* ABOUT THIS EXERCISE:
Your answer is one number: the count of lines below that hold the word "VREF".

━━━━━━━━━━━━━━━━━━━━

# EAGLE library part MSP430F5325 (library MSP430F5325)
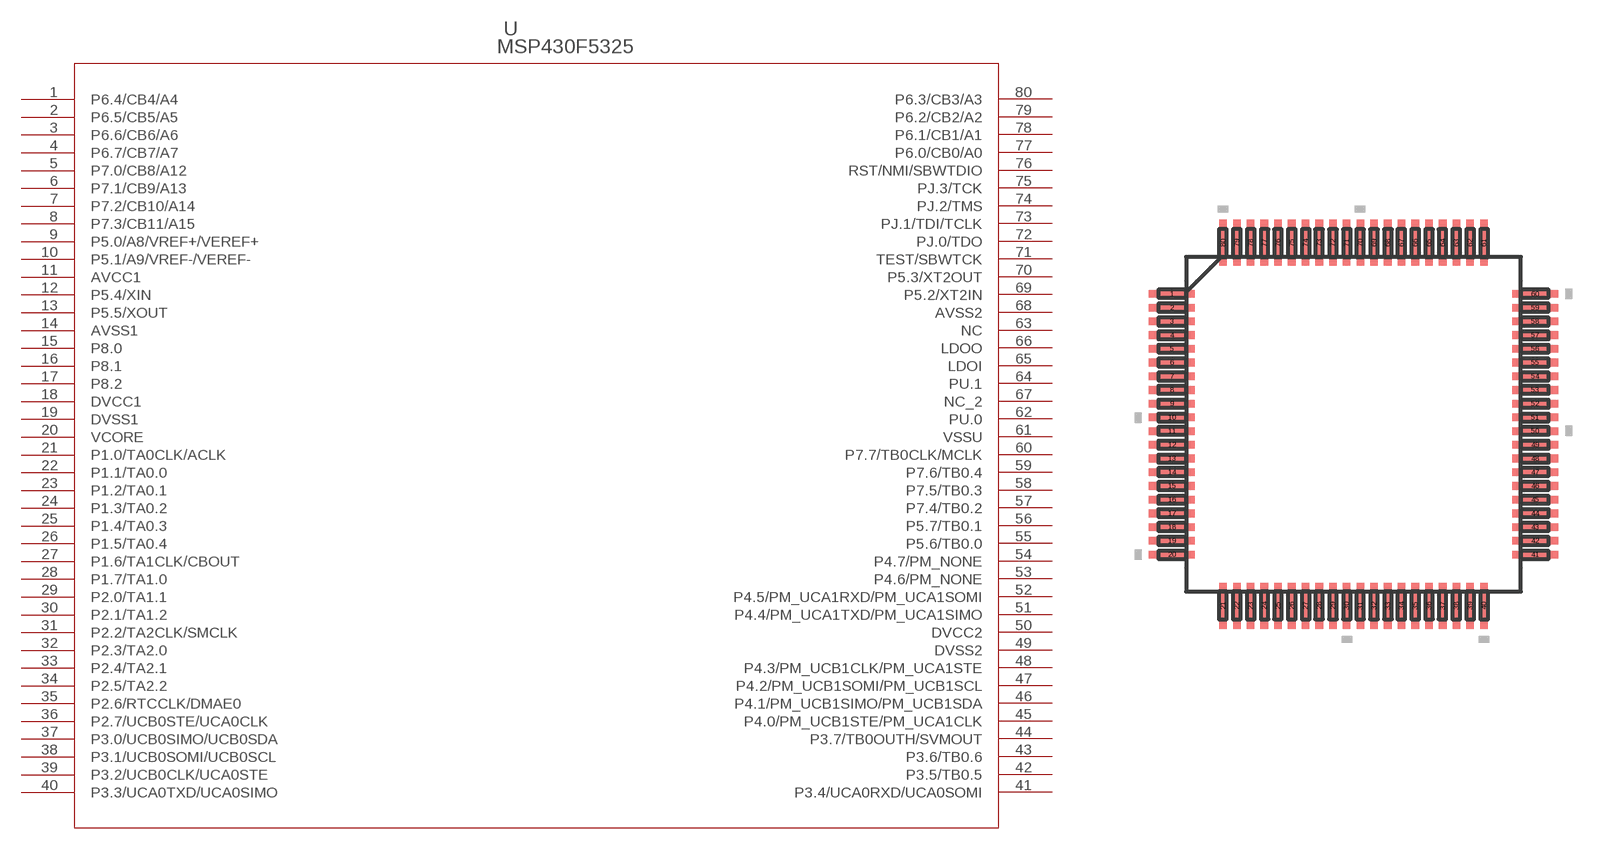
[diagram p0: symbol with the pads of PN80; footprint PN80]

Designator prefix -

## MSP430F5325  [PN80]
1  P6.4/CB4/A4
2  P6.5/CB5/A5
3  P6.6/CB6/A6
4  P6.7/CB7/A7
5  P7.0/CB8/A12
6  P7.1/CB9/A13
7  P7.2/CB10/A14
8  P7.3/CB11/A15
9  P5.0/A8/VREF+/VEREF+
10  P5.1/A9/VREF-/VEREF-
11  AVCC1  pwr
12  P5.4/XIN
13  P5.5/XOUT
14  AVSS1  pwr
15  P8.0
16  P8.1
17  P8.2
18  DVCC1  pwr
19  DVSS1  pwr
20  VCORE  pwr
21  P1.0/TA0CLK/ACLK
22  P1.1/TA0.0
23  P1.2/TA0.1
24  P1.3/TA0.2
25  P1.4/TA0.3
26  P1.5/TA0.4
27  P1.6/TA1CLK/CBOUT
28  P1.7/TA1.0
29  P2.0/TA1.1
30  P2.1/TA1.2
31  P2.2/TA2CLK/SMCLK
32  P2.3/TA2.0
33  P2.4/TA2.1
34  P2.5/TA2.2
35  P2.6/RTCCLK/DMAE0
36  P2.7/UCB0STE/UCA0CLK
37  P3.0/UCB0SIMO/UCB0SDA
38  P3.1/UCB0SOMI/UCB0SCL
39  P3.2/UCB0CLK/UCA0STE
40  P3.3/UCA0TXD/UCA0SIMO
41  P3.4/UCA0RXD/UCA0SOMI
42  P3.5/TB0.5
43  P3.6/TB0.6
44  P3.7/TB0OUTH/SVMOUT
45  P4.0/PM_UCB1STE/PM_UCA1CLK
46  P4.1/PM_UCB1SIMO/PM_UCB1SDA
47  P4.2/PM_UCB1SOMI/PM_UCB1SCL
48  P4.3/PM_UCB1CLK/PM_UCA1STE
49  DVSS2  pwr
50  DVCC2  pwr
51  P4.4/PM_UCA1TXD/PM_UCA1SIMO
52  P4.5/PM_UCA1RXD/PM_UCA1SOMI
53  P4.6/PM_NONE
54  P4.7/PM_NONE
55  P5.6/TB0.0
56  P5.7/TB0.1
57  P7.4/TB0.2
58  P7.5/TB0.3
59  P7.6/TB0.4
60  P7.7/TB0CLK/MCLK
61  VSSU  pwr
62  PU.0
63  NC  pas
64  PU.1
65  LDOI  in
66  LDOO  out
67  NC_2  pas
68  AVSS2  pwr
69  P5.2/XT2IN
70  P5.3/XT2OUT
71  TEST/SBWTCK
72  PJ.0/TDO
73  PJ.1/TDI/TCLK
74  PJ.2/TMS
75  PJ.3/TCK
76  RST/NMI/SBWTDIO
77  P6.0/CB0/A0
78  P6.1/CB1/A1
79  P6.2/CB2/A2
80  P6.3/CB3/A3

## Footprint PN80 (pad centres in mm)
smd 1.676 x 0.279: 1 -6.617,4.75; 2 -6.617,4.25; 3 -6.617,3.75; 4 -6.617,3.25; 5 -6.617,2.75; 6 -6.617,2.25; 7 -6.617,1.75; 8 -6.617,1.25; 9 -6.617,0.75; 10 -6.617,0.25; 11 -6.617,-0.25; 12 -6.617,-0.75; 13 -6.617,-1.25; 14 -6.617,-1.75; 15 -6.617,-2.25; 16 -6.617,-2.75; 17 -6.617,-3.25; 18 -6.617,-3.75; 19 -6.617,-4.25; 20 -6.617,-4.75; 41 6.617,-4.75; 42 6.617,-4.25; 43 6.617,-3.75; 44 6.617,-3.25; 45 6.617,-2.75; 46 6.617,-2.25; 47 6.617,-1.75; 48 6.617,-1.25; 49 6.617,-0.75; 50 6.617,-0.25; 51 6.617,0.25; 52 6.617,0.75; 53 6.617,1.25; 54 6.617,1.75; 55 6.617,2.25; 56 6.617,2.75; 57 6.617,3.25; 58 6.617,3.75; 59 6.617,4.25; 60 6.617,4.75
smd 0.279 x 1.676: 21 -4.75,-6.617; 22 -4.25,-6.617; 23 -3.75,-6.617; 24 -3.25,-6.617; 25 -2.75,-6.617; 26 -2.25,-6.617; 27 -1.75,-6.617; 28 -1.25,-6.617; 29 -0.75,-6.617; 30 -0.25,-6.617; 31 0.25,-6.617; 32 0.75,-6.617; 33 1.25,-6.617; 34 1.75,-6.617; 35 2.25,-6.617; 36 2.75,-6.617; 37 3.25,-6.617; 38 3.75,-6.617; 39 4.25,-6.617; 40 4.75,-6.617; 61 4.75,6.617; 62 4.25,6.617; 63 3.75,6.617; 64 3.25,6.617; 65 2.75,6.617; 66 2.25,6.617; 67 1.75,6.617; 68 1.25,6.617; 69 0.75,6.617; 70 0.25,6.617; 71 -0.25,6.617; 72 -0.75,6.617; 73 -1.25,6.617; 74 -1.75,6.617; 75 -2.25,6.617; 76 -2.75,6.617; 77 -3.25,6.617; 78 -3.75,6.617; 79 -4.25,6.617; 80 -4.75,6.617

━━━━━━━━━━━━━━━━━━━━

* YOUR SOLUTION:
2